ORGAN WEIGHTS (OFFSPRING)
There was no effect on adjusted organ weight of females. In males, liver, kidney, seminal vesicle, cauda epididymis, right epididymis and prostate all showed lower weights in the mid dose group after adjustment. The low dose group animals were similar to controls

HISTOPATHOLOGY (OFFSPRING)
Only the testes and epididymis were examined. Minimal to mild testicular lesions were seen in 2/10, 7/10, 5/10 animals in the controls/mid/high dose animals respectively. These results suggested a slight effect from treatment but the no clear dose response was evident. Single animals in the mid and high dose animals showed epididymis lesions, which were not attributed to treatment.

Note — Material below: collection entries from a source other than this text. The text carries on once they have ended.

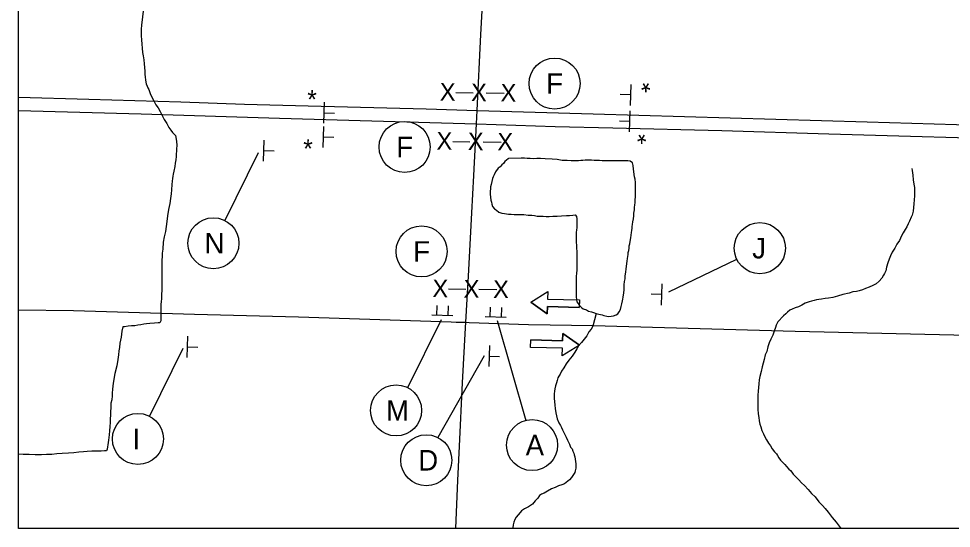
# Model space of a CAD drawing. Extents: x 1633.3 to 1707.6, y 1081.5 to 1106.
# Drawn here: x 1633.31 to 1640.38, y 1086.42 to 1090.29 of the extents above; entities that cross this region are included whole.
import ezdxf

# ---------------------------------------------------------------- set-up
doc = ezdxf.new("R2010")
doc.units = 0
for name, color, linetype in [('GM_X_County_Road', 7, 'Continuous'), ('GM_X_Minor_Lake', 7, 'Continuous'), ('GM_X_Minor_River', 7, 'Continuous'), ('GM_X_State_Route', 7, 'Continuous'), ('GM_X_Township_Road', 7, 'Continuous'), ('SH_Data', 7, 'Continuous'), ('SH_Text', 7, 'Continuous'), ('SN_P_Signs', 7, 'Continuous'), ('SN_X_Public', 7, 'Continuous')]:
    doc.layers.add(name, color=color, linetype=linetype)

msp = doc.modelspace()

# ---------------------------------------------------------------- linework, layer by layer
at = {"layer": 'GM_X_County_Road'}
for points in [[(1636.7895, 1089.5915), (1636.8181, 1090.1691), (1636.886, 1091.3924), (1636.9148, 1091.8728), (1636.9362, 1092.288), (1636.9703, 1092.8778), (1636.974, 1092.925), (1636.9808, 1092.9969), (1636.984, 1093.031)], [(1636.7846, 1089.489), (1636.7895, 1089.5915)], [(1636.7029, 1087.9843), (1636.723, 1088.3341), (1636.7482, 1088.8147), (1636.7628, 1089.0988), (1636.7846, 1089.489)], [(1633.3121, 1088.0796), (1633.7283, 1088.0729), (1634.6468, 1088.0465), (1635.434, 1088.0244), (1636.593, 1087.987), (1636.6307, 1087.986), (1636.7029, 1087.9843)], [(1636.7029, 1087.9843), (1636.7291, 1087.9834), (1637.1782, 1087.9683), (1637.6688, 1087.9589), (1639.2, 1087.9178), (1640.4033, 1087.8897), (1641.5407, 1087.8579), (1642.8312, 1087.8177), (1643.7062, 1087.7937), (1643.8593, 1087.7897)]]:
    msp.add_lwpolyline(points, dxfattribs=at)
at = {"layer": 'GM_X_Minor_Lake'}
for points in [[(1637.0279, 1089.2269), (1637.0241, 1089.2247), (1637, 1089.2034), (1636.9892, 1089.19), (1636.9758, 1089.1794), (1636.9624, 1089.1634), (1636.949, 1089.1527), (1636.9275, 1089.126), (1636.9168, 1089.102), (1636.9114, 1089.0886), (1636.906, 1089.0753), (1636.8952, 1089.0298), (1636.8898, 1089.0111), (1636.8898, 1088.9977), (1636.8871, 1088.979), (1636.887, 1088.9576), (1636.8896, 1088.9335), (1636.8923, 1088.9121), (1636.8976, 1088.896), (1636.9002, 1088.88), (1636.9055, 1088.8639), (1636.9216, 1088.8451), (1636.9349, 1088.8344), (1636.9536, 1088.8209), (1636.975, 1088.8128), (1636.9964, 1088.8101), (1637.0124, 1088.8074), (1637.0258, 1088.8047), (1637.0472, 1088.8046), (1637.0686, 1088.8018), (1637.0927, 1088.8018), (1637.1168, 1088.8017), (1637.1435, 1088.8016), (1637.1756, 1088.7962), (1637.2024, 1088.7961), (1637.2238, 1088.7933), (1637.2452, 1088.7906), (1637.2693, 1088.7905), (1637.2907, 1088.7904), (1637.3121, 1088.7877), (1637.3362, 1088.7876), (1637.3629, 1088.7902), (1637.395, 1088.7901), (1637.4298, 1088.7927), (1637.4673, 1088.7952), (1637.4887, 1088.7952), (1637.5154, 1088.7977), (1637.5315, 1088.8004), (1637.5422, 1088.787), (1637.5448, 1088.7682), (1637.5448, 1088.7522), (1637.5447, 1088.7308), (1637.5447, 1088.7174), (1637.5447, 1088.7013), (1637.542, 1088.6853), (1637.5392, 1088.6666), (1637.5392, 1088.6479), (1637.5392, 1088.6345), (1637.5391, 1088.6184), (1637.5391, 1088.6024), (1637.5391, 1088.589), (1637.5417, 1088.5702), (1637.5416, 1088.5462), (1637.5443, 1088.5221), (1637.5442, 1088.498), (1637.5442, 1088.4793), (1637.5441, 1088.4632), (1637.5441, 1088.4418), (1637.544, 1088.4231), (1637.544, 1088.4044), (1637.5439, 1088.3803), (1637.5412, 1088.3562), (1637.5411, 1088.3321), (1637.5411, 1088.3081), (1637.541, 1088.2893), (1637.541, 1088.2706), (1637.541, 1088.2492), (1637.5409, 1088.2331), (1637.5409, 1088.2171), (1637.5408, 1088.1984), (1637.5408, 1088.1796), (1637.5434, 1088.1555), (1637.546, 1088.1395), (1637.554, 1088.1261), (1637.5647, 1088.1127), (1637.5807, 1088.0966), (1637.5941, 1088.0858), (1637.6182, 1088.0777), (1637.6342, 1088.0696), (1637.6556, 1088.0642), (1637.6716, 1088.0588), (1637.6903, 1088.0507), (1637.7117, 1088.0453), (1637.7358, 1088.0399), (1637.7492, 1088.0345), (1637.7732, 1088.0317), (1637.7866, 1088.029), (1637.8054, 1088.0316), (1637.8241, 1088.0343), (1637.8428, 1088.0396)], [(1637.8428, 1088.0396), (1637.8562, 1088.0475), (1637.867, 1088.0635), (1637.875, 1088.0823), (1637.8804, 1088.1036), (1637.8858, 1088.125), (1637.8912, 1088.1464), (1637.894, 1088.1598), (1637.8967, 1088.1758), (1637.9021, 1088.2079), (1637.9048, 1088.2293), (1637.9049, 1088.248), (1637.9049, 1088.2694), (1637.9076, 1088.2935), (1637.9104, 1088.3149), (1637.9104, 1088.3336), (1637.9131, 1088.3523), (1637.9158, 1088.3657), (1637.9186, 1088.3898), (1637.9267, 1088.4486), (1637.9294, 1088.4673), (1637.9322, 1088.4834), (1637.9349, 1088.4994), (1637.9349, 1088.5128), (1637.9403, 1088.5289), (1637.943, 1088.5476), (1637.943, 1088.5636), (1637.9458, 1088.5797), (1637.9485, 1088.5984), (1637.9539, 1088.6251), (1637.9566, 1088.6465), (1637.9593, 1088.6652), (1637.962, 1088.6813), (1637.9648, 1088.6973), (1637.9648, 1088.7107), (1637.9675, 1088.7267), (1637.9702, 1088.7455), (1637.9756, 1088.7695), (1637.9784, 1088.7909), (1637.9784, 1088.8123), (1637.9811, 1088.8364), (1637.9812, 1088.8578), (1637.9839, 1088.8738), (1637.9866, 1088.8926), (1637.9866, 1088.914), (1637.9894, 1088.9354), (1637.9894, 1088.9568), (1637.9895, 1088.9755), (1637.9895, 1088.9942), (1637.9896, 1089.0129), (1637.9896, 1089.029), (1637.9896, 1089.0451), (1637.987, 1089.0691), (1637.9817, 1089.0879), (1637.9791, 1089.1066), (1637.9764, 1089.128), (1637.9738, 1089.1468), (1637.9712, 1089.1735), (1637.9659, 1089.1949), (1637.9499, 1089.2057), (1637.9311, 1089.2084), (1637.9097, 1089.2085), (1637.8964, 1089.2085), (1637.8803, 1089.2086), (1637.8562, 1089.2087), (1637.8402, 1089.2087), (1637.8268, 1089.2088), (1637.8107, 1089.2088), (1637.7974, 1089.2089), (1637.784, 1089.2089), (1637.7679, 1089.209), (1637.7519, 1089.209), (1637.7358, 1089.2091), (1637.7171, 1089.2118), (1637.6984, 1089.2119), (1637.6769, 1089.2119), (1637.6556, 1089.2147), (1637.6261, 1089.2148), (1637.6074, 1089.2148), (1637.5913, 1089.2122), (1637.5753, 1089.2123), (1637.5565, 1089.2096), (1637.5325, 1089.2097), (1637.503, 1089.2098), (1637.4709, 1089.2126), (1637.4335, 1089.2127), (1637.396, 1089.2182), (1637.3586, 1089.221), (1637.305, 1089.2238), (1637.2703, 1089.2266), (1637.2408, 1089.2267), (1637.2141, 1089.2241), (1637.19, 1089.2269), (1637.1686, 1089.2269), (1637.1472, 1089.2297), (1637.1231, 1089.2297), (1637.0279, 1089.2269)]]:
    msp.add_lwpolyline(points, dxfattribs=at)
at = {"layer": 'GM_X_Minor_River'}
for points in [[(1634.26, 1090.3652), (1634.2436, 1090.2395), (1634.2409, 1090.2074), (1634.2408, 1090.1833), (1634.2408, 1090.1566), (1634.2434, 1090.1272), (1634.246, 1090.0951), (1634.2486, 1090.0629), (1634.2512, 1090.0308), (1634.2565, 1090.0067), (1634.2618, 1089.9746), (1634.2644, 1089.9452), (1634.267, 1089.9184), (1634.2696, 1089.889), (1634.2695, 1089.8676), (1634.2722, 1089.8435), (1634.2748, 1089.8247), (1634.2774, 1089.806), (1634.2801, 1089.7926), (1634.2854, 1089.7765), (1634.2907, 1089.7632), (1634.2987, 1089.7497), (1634.3094, 1089.7203), (1634.3227, 1089.6935), (1634.336, 1089.664), (1634.352, 1089.6345), (1634.3706, 1089.6104), (1634.384, 1089.5836), (1634.3999, 1089.5541), (1634.4159, 1089.522), (1634.4346, 1089.4925), (1634.4506, 1089.463), (1634.4666, 1089.4415), (1634.4799, 1089.4254), (1634.5013, 1089.4013), (1634.5092, 1089.3585), (1634.5118, 1089.3263), (1634.5091, 1089.2996)], [(1634.5091, 1089.2996), (1634.509, 1089.2809), (1634.5063, 1089.2648), (1634.5062, 1089.2434), (1634.5035, 1089.2167), (1634.4981, 1089.1926), (1634.4954, 1089.1659), (1634.4899, 1089.1311), (1634.4845, 1089.1071), (1634.4818, 1089.0937), (1634.4791, 1089.075), (1634.4764, 1089.0562), (1634.4736, 1089.0295), (1634.4709, 1088.9894), (1634.4682, 1088.96), (1634.4627, 1088.9225), (1634.4573, 1088.8851), (1634.4491, 1088.8396), (1634.441, 1088.7915), (1634.4356, 1088.7487), (1634.4301, 1088.7113), (1634.4247, 1088.6738), (1634.4166, 1088.6337), (1634.4084, 1088.5909), (1634.4056, 1088.5401), (1634.4002, 1088.508), (1634.4002, 1088.4813), (1634.3974, 1088.4572), (1634.3974, 1088.4304), (1634.3973, 1088.409), (1634.3973, 1088.3876), (1634.3972, 1088.3635), (1634.3971, 1088.3315), (1634.3971, 1088.2993), (1634.397, 1088.2646), (1634.3969, 1088.2325), (1634.3941, 1088.1897), (1634.3941, 1088.1629), (1634.394, 1088.1415), (1634.3913, 1088.1201), (1634.3913, 1088.1014), (1634.3912, 1088.0746), (1634.3911, 1088.0532), (1634.3911, 1088.0318), (1634.3911, 1088.0131), (1634.391, 1087.9944), (1634.383, 1087.981), (1634.3696, 1087.9811), (1634.3428, 1087.9785), (1634.308, 1087.9759), (1634.2813, 1087.9733), (1634.2625, 1087.9707), (1634.2384, 1087.9654), (1634.217, 1087.9628), (1634.1929, 1087.9575), (1634.1688, 1087.9576), (1634.1421, 1087.955), (1634.1153, 1087.9498), (1634.1019, 1087.9498), (1634.0938, 1087.9177), (1634.0884, 1087.8723), (1634.0802, 1087.8268), (1634.0775, 1087.792), (1634.0721, 1087.768), (1634.0693, 1087.7385), (1634.0639, 1087.7011), (1634.0558, 1087.653), (1634.0423, 1087.5968), (1634.0287, 1087.522), (1634.0232, 1087.4765), (1634.0205, 1087.4471), (1634.0205, 1087.4257), (1634.0177, 1087.3962), (1634.0123, 1087.3695), (1634.0122, 1087.3374), (1634.0095, 1087.3053), (1634.0094, 1087.2785), (1634.0067, 1087.2518), (1634.0066, 1087.2251), (1634.0039, 1087.1929), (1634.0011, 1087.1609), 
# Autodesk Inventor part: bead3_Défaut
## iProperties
Shininess: 64.0
Length Units: 11269
Angle Units: 11279
Time Units: 11290
Mass Units: 11283
Length Display Precision: 3
Angle Display Precision: 2
Compacted: True
Part Number: bead3_Défaut
Document SubType Name: Modeling
Created: 2006-11
Material: Par défaut
Designer: profs_sti
Density: 0.0
Volumn: 0.0
Area: 0.0
PropertySet Name: Model Information
Control State: 0
Master: False
Checked Out: False
Author: profs_sti
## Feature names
1. Base1

OTHER FINDINGS (OFFSPRING)
Drinking water consumption decreased in the mid dose group from week 21. The estimated daily dose was 9 and 27mg/kg for the low and mid dose group male pups and 15/41mg/kg respectively for females. There was no effect the litter indices of either F1 dose group animals. There were no differences in epididymal sperm morphology or motility among the groups from the F2 generation but there was significantly decreased sperm density in both dose groups (-17% in low dose group, -23% in mid dose group).

Effect levels (F1)

Dose descriptor:
NOAEL
Generation:
F1
Effect level:
0.01 other: % (11mg/kg)
Sex:
male/female
Basis for effect level:
other: Reduced number of live pups per litter.

Overall reproductive toxicity

Reproductive effects observed:
not specified

Applicant's summary and conclusion

Executive summary:

Methoxyethanol when administered to SD rats over 2 generations and dosed via drinking water was toxic to reproduction.  The top 0.1% dose almost completely inhibited reproduction in the F0 generation and the mid dose 0.03% significantly reduced the number of live pups borne; other adverse changes were seen at this dose on male testes and sperm. The lowest dose 0.01% (equivalent daily dose ~10mg/kg) showed minor changes to sperm density and testicular lesions, but these could not be clearly attributed to treatment with a clear dose response relationship and therefore not considered significant adverse effects.